Setting clockwise moments equal to zero on the
length x to C on the beam gives the moment M
at section 1 as minus 2500x.
Hence the
moment varies linearly from C to B and is
negative.
Summing clockwise moments ay
section two for the beam from 2 to C and setting
them equal to zero gives a second linear
equation in x for the moment. Note that the
moment value at B is 12500 ft lbs whether it is
calculated from the equation for the portion C to
B or for the portion B to A. Also note that the
moment at location A from the second equation
is zero.
The shear diagram has a constant value of 2500
lbs. from point C to B as calculated previously.

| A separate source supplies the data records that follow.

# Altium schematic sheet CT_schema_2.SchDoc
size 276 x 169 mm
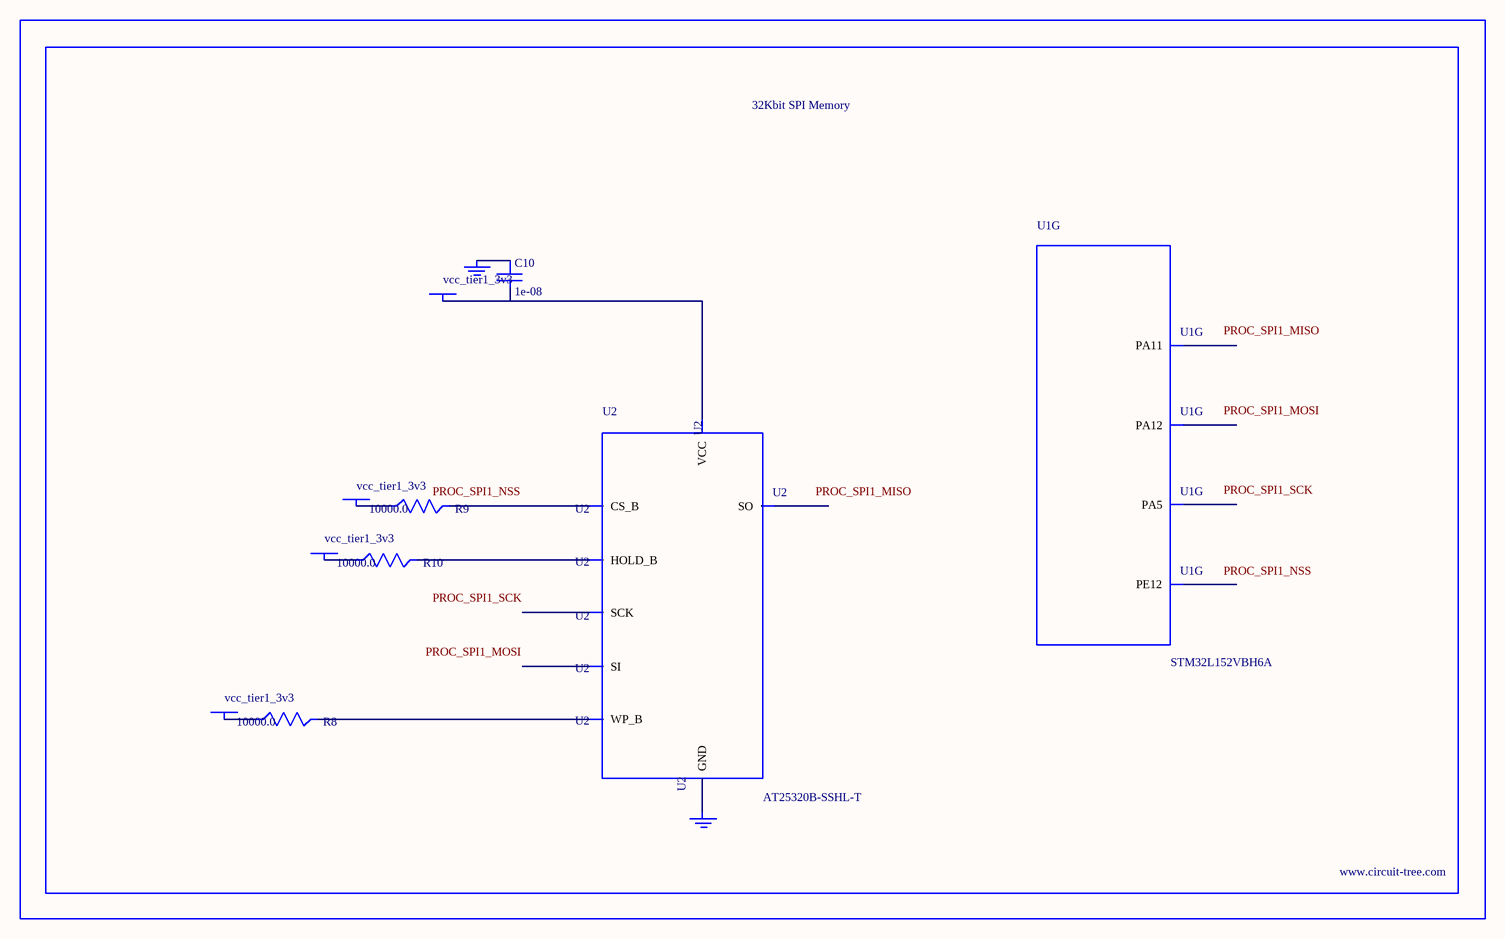
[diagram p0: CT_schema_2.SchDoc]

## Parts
BORDER1  (no value)
C10  1e-08  [C0402]
GND_INSTANCE_1_0  (no value)
GND_INSTANCE_1_1  (no value)
POWER_INSTANCE_1_0  vcc_tier1_3v3
POWER_INSTANCE_1_1  vcc_tier1_3v3
POWER_INSTANCE_1_2  vcc_tier1_3v3
POWER_INSTANCE_1_3  vcc_tier1_3v3
R8  10000.0  [R0603]
R9  10000.0  [R0603]
R10  10000.0  [R0603]
U1  STM32L152VBH6A  [UFBGA100]  (part G of 9)
U2  AT25320B-SSHL-T  [SOIC-8]

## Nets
NetC10_1: C10.1 GND_INSTANCE_1_0.0(GND)
NetC10_2: C10.2 POWER_INSTANCE_1_3.0(PWR) U2.8(VCC)
NetGND_INSTANCE_1_1_0: GND_INSTANCE_1_1.0(GND) U2.4(GND)
NetPOWER_INSTANCE_1_0_0: POWER_INSTANCE_1_0.0(PWR) R9.1
NetPOWER_INSTANCE_1_1_0: POWER_INSTANCE_1_1.0(PWR) R8.1
NetPOWER_INSTANCE_1_2_0: POWER_INSTANCE_1_2.0(PWR) R10.1
NetR8_2: R8.2 U2.3(WP_B)
NetR9_2: R9.2 U2.1(CS_B)
NetR10_2: R10.2 U2.7(HOLD_B)

Not connected (* = marked no-connect by the designer): U1 A12(PA12) B12(PA11) K4(PA5) L9(PE12); U2 2(SO) 5(SI) 6(SCK)

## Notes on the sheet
- Labels drawn without touching a wire or pin: PROC_SPI1_MISO, PROC_SPI1_MOSI, PROC_SPI1_NSS, PROC_SPI1_SCK

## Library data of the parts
BORDER1 = BORDER_PAGE1
C10 = C0402C103K3RAC
GND_INSTANCE_1_0 GND_INSTANCE_1_1 = GND
POWER_INSTANCE_1_0-POWER_INSTANCE_1_3 = PWR
R8-R10 = RC0603JR-0710KL

At B it changes its value to –1250 lbs. due to the
effect of the reaction at B and continues constant
over the beam length from B to A. The bending
moment diagram is plotted directly below the
shear diagram to see the effects of the shear on
the bending moment. From the equations on the
previous slide the bending moment starts at zero
at point C and increases negatively in linear
fashion until it reaches the value of 12500 ft. lbs.
at point B. At this point the second equation for
the moment becomes valid which decreases its
negative value from 12500 ft. lbs. at B to zero at
point A. Placing the shear force diagram
immediately above the bending moment diagram
leads to a very useful observation. The bending
moment diagram is the integral of the shear
diagram beginning from the left end of the beam.
Although no general proof of this is given here it
is applicable to all beam bending problems.
Another interesting observation is that the
maximum bending moment occurs where the
shear force passes through zero. This is a useful
way to quickly determine where the largest
values of bending moment will occur.